In practice, we suggest to implement the token acquire/release mechanism by having GHC use a local pool of tokens, in order to avoid excessive communication with the semaphore: instead of systematically releasing a token to the semaphore once a job is done, we can instead re-use this token if we have other pending jobs. This prioritises the compilation of a single unit.

1.3 Examples

1.3.1 Illustration of the functionality

Let us explain how we envision cabal handle the following build plan, with 8 capabilities.

Same dependency graph as before: a big unit at the top and bottom, and many single-module units in the middle.
  1. To start, cabal would create a new semaphore ⟨sem⟩, with 8 available tokens.

  1. Next, we compile the Bot unit, which is a large unit, with many modules, which sits at the bottom of the dependency graph and must thus be compiled before anything else.

    1. cabal acquires one token from the semaphore and spawns one ghc --make -jsem ⟨sem⟩ invocation.

    2. This invocation of ghc notices it has a lot of work to do (many modules to compile from the Bot unit), so it requests more resources from the semaphore: at least one token per module it can compile concurrently.
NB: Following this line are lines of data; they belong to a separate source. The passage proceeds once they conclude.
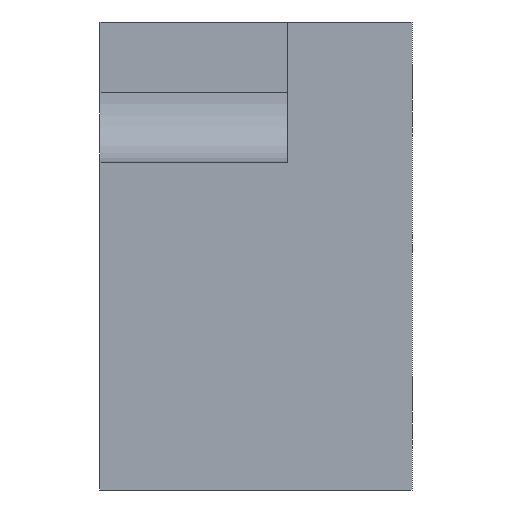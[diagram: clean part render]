
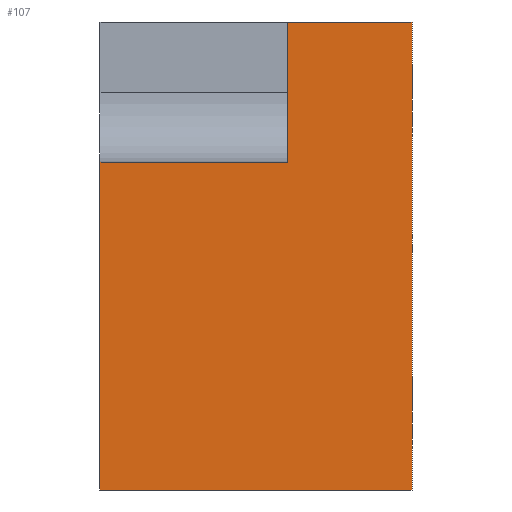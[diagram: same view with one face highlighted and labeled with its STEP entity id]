
A CAD part, left-side view. The second image highlights one B-rep face of the part: STEP entity #107.
In plain terms, the highlighted planar face has unit normal (-1, 0, 0).
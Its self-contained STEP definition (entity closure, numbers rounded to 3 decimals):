
#107 = ADVANCED_FACE( '', ( #180 ), #181, .T. );
#180 = FACE_OUTER_BOUND( '', #253, .T. );
#181 = PLANE( '', #254 );
#253 = EDGE_LOOP( '', ( #509, #510, #511, #512, #513, #514 ) );
#254 = AXIS2_PLACEMENT_3D( '', #515, #516, #517 );
#509 = ORIENTED_EDGE( '', *, *, #599, .F. );
#510 = ORIENTED_EDGE( '', *, *, #597, .F. );
#511 = ORIENTED_EDGE( '', *, *, #595, .F. );
#512 = ORIENTED_EDGE( '', *, *, #581, .T. );
#513 = ORIENTED_EDGE( '', *, *, #573, .T. );
#514 = ORIENTED_EDGE( '', *, *, #590, .F. );
#515 = CARTESIAN_POINT( '', ( -70., -8.5, -8. ) );
#516 = DIRECTION( '', ( -1., 0., 0. ) );
#517 = DIRECTION( '', ( 0., 0., 1. ) );
#573 = EDGE_CURVE( '', #694, #696, #698, .T. );
#581 = EDGE_CURVE( '', #710, #694, #711, .T. );
#590 = EDGE_CURVE( '', #722, #696, #724, .T. );
#595 = EDGE_CURVE( '', #710, #729, #730, .T. );
#597 = EDGE_CURVE( '', #729, #732, #733, .T. );
#599 = EDGE_CURVE( '', #732, #722, #735, .T. );
#694 = VERTEX_POINT( '', #859 );
#696 = VERTEX_POINT( '', #862 );
#698 = LINE( '', #865, #866 );
#710 = VERTEX_POINT( '', #884 );
#711 = LINE( '', #885, #886 );
#722 = VERTEX_POINT( '', #903 );
#724 = LINE( '', #906, #907 );
#729 = VERTEX_POINT( '', #912 );
#730 = LINE( '', #913, #914 );
#732 = VERTEX_POINT( '', #917 );
#733 = LINE( '', #918, #919 );
#735 = LINE( '', #922, #923 );
#859 = CARTESIAN_POINT( '', ( -70., -0.5, -2. ) );
#862 = CARTESIAN_POINT( '', ( -70., 11.5, -2. ) );
#865 = CARTESIAN_POINT( '', ( -70., 1.5, -2. ) );
#866 = VECTOR( '', #1027, 1. );
#884 = CARTESIAN_POINT( '', ( -70., -0.5, 7. ) );
#885 = CARTESIAN_POINT( '', ( -70., -0.5, -8. ) );
#886 = VECTOR( '', #1037, 1. );
#903 = CARTESIAN_POINT( '', ( -70., 11.5, -23. ) );
#906 = CARTESIAN_POINT( '', ( -70., 11.5, 7. ) );
#907 = VECTOR( '', #1048, 1. );
#912 = CARTESIAN_POINT( '', ( -70., -8.5, 7. ) );
#913 = CARTESIAN_POINT( '', ( -70., -8.5, 7. ) );
#914 = VECTOR( '', #1061, 1. );
#917 = CARTESIAN_POINT( '', ( -70., -8.5, -23. ) );
#918 = CARTESIAN_POINT( '', ( -70., -8.5, -23. ) );
#919 = VECTOR( '', #1063, 1. );
#922 = CARTESIAN_POINT( '', ( -70., 11.5, -23. ) );
#923 = VECTOR( '', #1065, 1. );
#1027 = DIRECTION( '', ( 0., 1., 0. ) );
#1037 = DIRECTION( '', ( 0., 0., -1. ) );
#1048 = DIRECTION( '', ( 0., 0., 1. ) );
#1061 = DIRECTION( '', ( 0., -1., 0. ) );
#1063 = DIRECTION( '', ( 0., 0., -1. ) );
#1065 = DIRECTION( '', ( 0., 1., 0. ) );
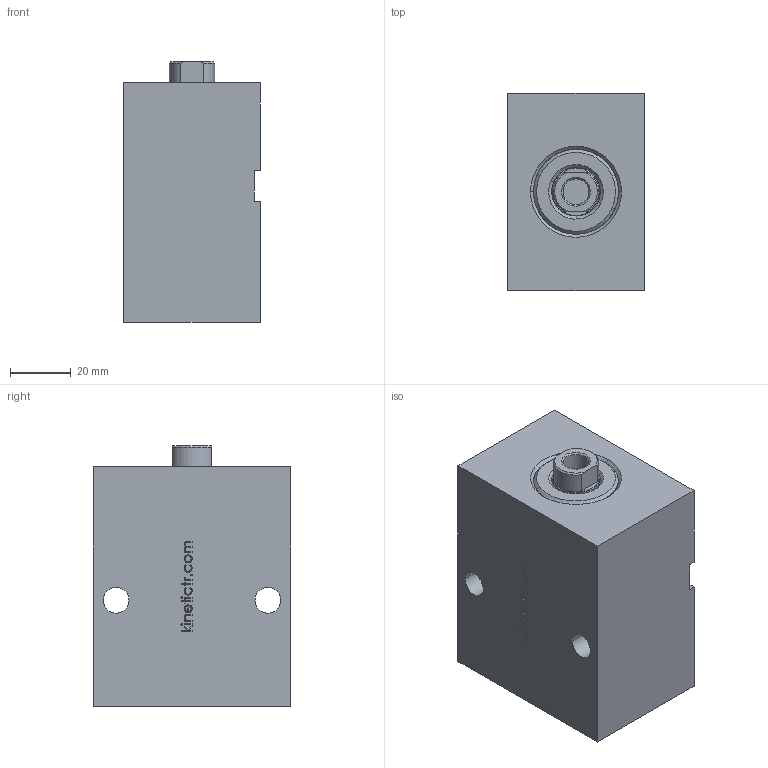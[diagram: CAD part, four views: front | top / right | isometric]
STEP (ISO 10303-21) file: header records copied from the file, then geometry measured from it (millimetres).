
FILE_DESCRIPTION (( 'STEP AP214' ), '1' );
FILE_NAME ('KBZ_11_25_16_35.STEP', '2019-09-11T19:13:39', ( '' ), ( '' ), 'SwSTEP 2.0', 'SolidWorks 2018', '' );
FILE_SCHEMA (( 'AUTOMOTIVE_DESIGN' ));
Length unit declared in the file: millimetre
Products named in the file (4): GOVDE; KAPAK; KBZ_11_25_16_35; MIL
Assembly tree (3 placements, depth 2):
  KBZ_11_25_16_35
    GOVDE
    KAPAK
    MIL
Bounding box: 45 x 65 x 86 mm (x, y, z)
Volume: 225569.3 mm3; surface area: 30344.3 mm2
Topology: 3 solids, 3 shells, 232 faces, 586 edges, 386 vertices
Faces by surface type: plane 117, bspline 69, cylinder 29, cone 17
Entity records: 10254 total; most frequent: CARTESIAN_POINT 4915, ORIENTED_EDGE 1172, DIRECTION 858, EDGE_CURVE 586, VERTEX_POINT 386, LINE 368, VECTOR 368, EDGE_LOOP 264
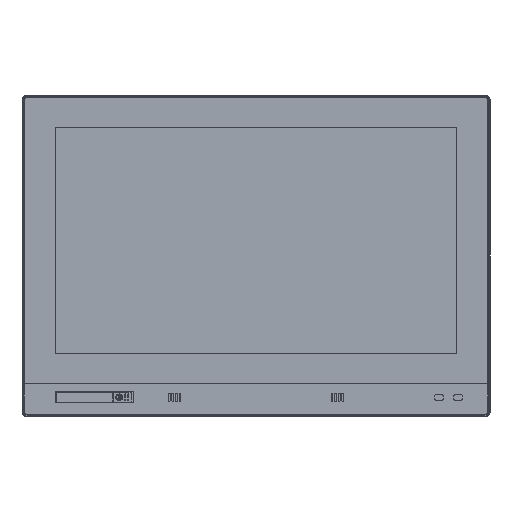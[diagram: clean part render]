
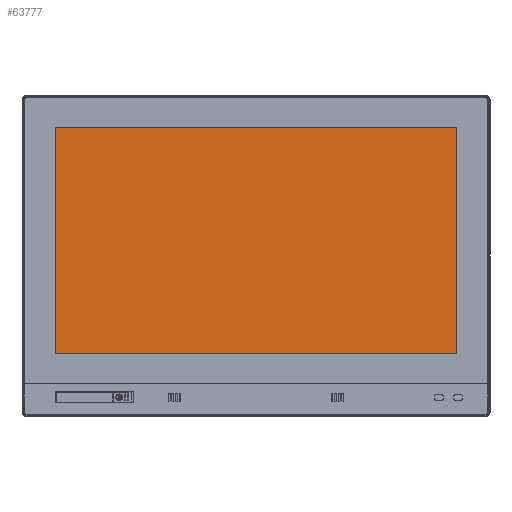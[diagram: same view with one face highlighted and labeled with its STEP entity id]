
A CAD part, top view. The second image highlights one B-rep face of the part: STEP entity #63777.
In plain terms, the highlighted planar face has unit normal (0, 0, 1).
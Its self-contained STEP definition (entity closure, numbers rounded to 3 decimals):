
#11424=DIRECTION('',(-1.,0.,0.));
#11425=VECTOR('',#11424,410.);
#11426=CARTESIAN_POINT('',(205.,116.5,2.));
#11427=LINE('',#11426,#11425);
#11428=DIRECTION('',(0.,1.,0.));
#11429=VECTOR('',#11428,231.);
#11430=CARTESIAN_POINT('',(205.,-114.5,2.));
#11431=LINE('',#11430,#11429);
#11432=DIRECTION('',(1.,0.,0.));
#11433=VECTOR('',#11432,410.);
#11434=CARTESIAN_POINT('',(-205.,-114.5,2.));
#11435=LINE('',#11434,#11433);
#11436=DIRECTION('',(0.,-1.,0.));
#11437=VECTOR('',#11436,231.);
#11438=CARTESIAN_POINT('',(-205.,116.5,2.));
#11439=LINE('',#11438,#11437);
#39350=CARTESIAN_POINT('',(205.,116.5,2.));
#39351=CARTESIAN_POINT('',(-205.,116.5,2.));
#39352=VERTEX_POINT('',#39350);
#39353=VERTEX_POINT('',#39351);
#39354=CARTESIAN_POINT('',(-205.,-114.5,2.));
#39355=VERTEX_POINT('',#39354);
#39356=CARTESIAN_POINT('',(205.,-114.5,2.));
#39357=VERTEX_POINT('',#39356);
#63762=CARTESIAN_POINT('',(-65.8,-54.,2.));
#63763=DIRECTION('',(0.,0.,1.));
#63764=DIRECTION('',(1.,0.,0.));
#63765=AXIS2_PLACEMENT_3D('',#63762,#63763,#63764);
#63766=PLANE('',#63765);
#63768=ORIENTED_EDGE('',*,*,#63767,.F.);
#63770=ORIENTED_EDGE('',*,*,#63769,.F.);
#63772=ORIENTED_EDGE('',*,*,#63771,.F.);
#63774=ORIENTED_EDGE('',*,*,#63773,.F.);
#63775=EDGE_LOOP('',(#63768,#63770,#63772,#63774));
#63776=FACE_OUTER_BOUND('',#63775,.F.);
#63777=ADVANCED_FACE('',(#63776),#63766,.T.);
#63767=EDGE_CURVE('',#39352,#39353,#11427,.T.);
#63769=EDGE_CURVE('',#39357,#39352,#11431,.T.);
#63771=EDGE_CURVE('',#39355,#39357,#11435,.T.);
#63773=EDGE_CURVE('',#39353,#39355,#11439,.T.);

As no other processes are competing for semaphore tokens, and all modules can be compiled in parallel (in this example), this GHC invocation obtains the remaining 7 tokens.

    3. ghc finishes compiling the Bot unit, releasing the 7 tokens it acquired.

    4. cabal notices the ghc subprocess has terminated, and releases the final (8th) token to the semaphore.

  2. After that, we move to compiling the middle units.

    1. cabal will acquire tokens from the semaphore and spawn ghc --make -jsem ⟨sem⟩ invocations.

    2. Assuming ghc requests a single token per module it can compile concurrently, each of these ghc invocations won’t query for more tokens, as each unit contains a single module. As a result, so cabal will manage running 8 concurrent ghc processes, spawning new ones as previous ones terminate.

  3. Once all the middle units are compiled, cabal will move on to compiling the top unit, which will proceed as in (2) with a single ghc --make -jsem ⟨sem⟩ invocation compiling 8 modules in parallel.

  4. Once all ghc processes have terminated, we are done, and cabal destroys ⟨sem⟩.

In this situation, cabal is the jobserver: it manages the semaphore and spawns ghc subprocesses. The ghc subprocesses are jobclients, and they communicate by use of the semaphore.

1.3.2 Performance results

Preliminary benchmarking results confirm the expected benefit of -jsem over any possible combination cabal -jN, ghc -jM.

For example, we noted:

  • a 29% speedup in compiling lens using 8 tokens with -jsem versus cabal -j8, ghc -j1 (118s vs 152s).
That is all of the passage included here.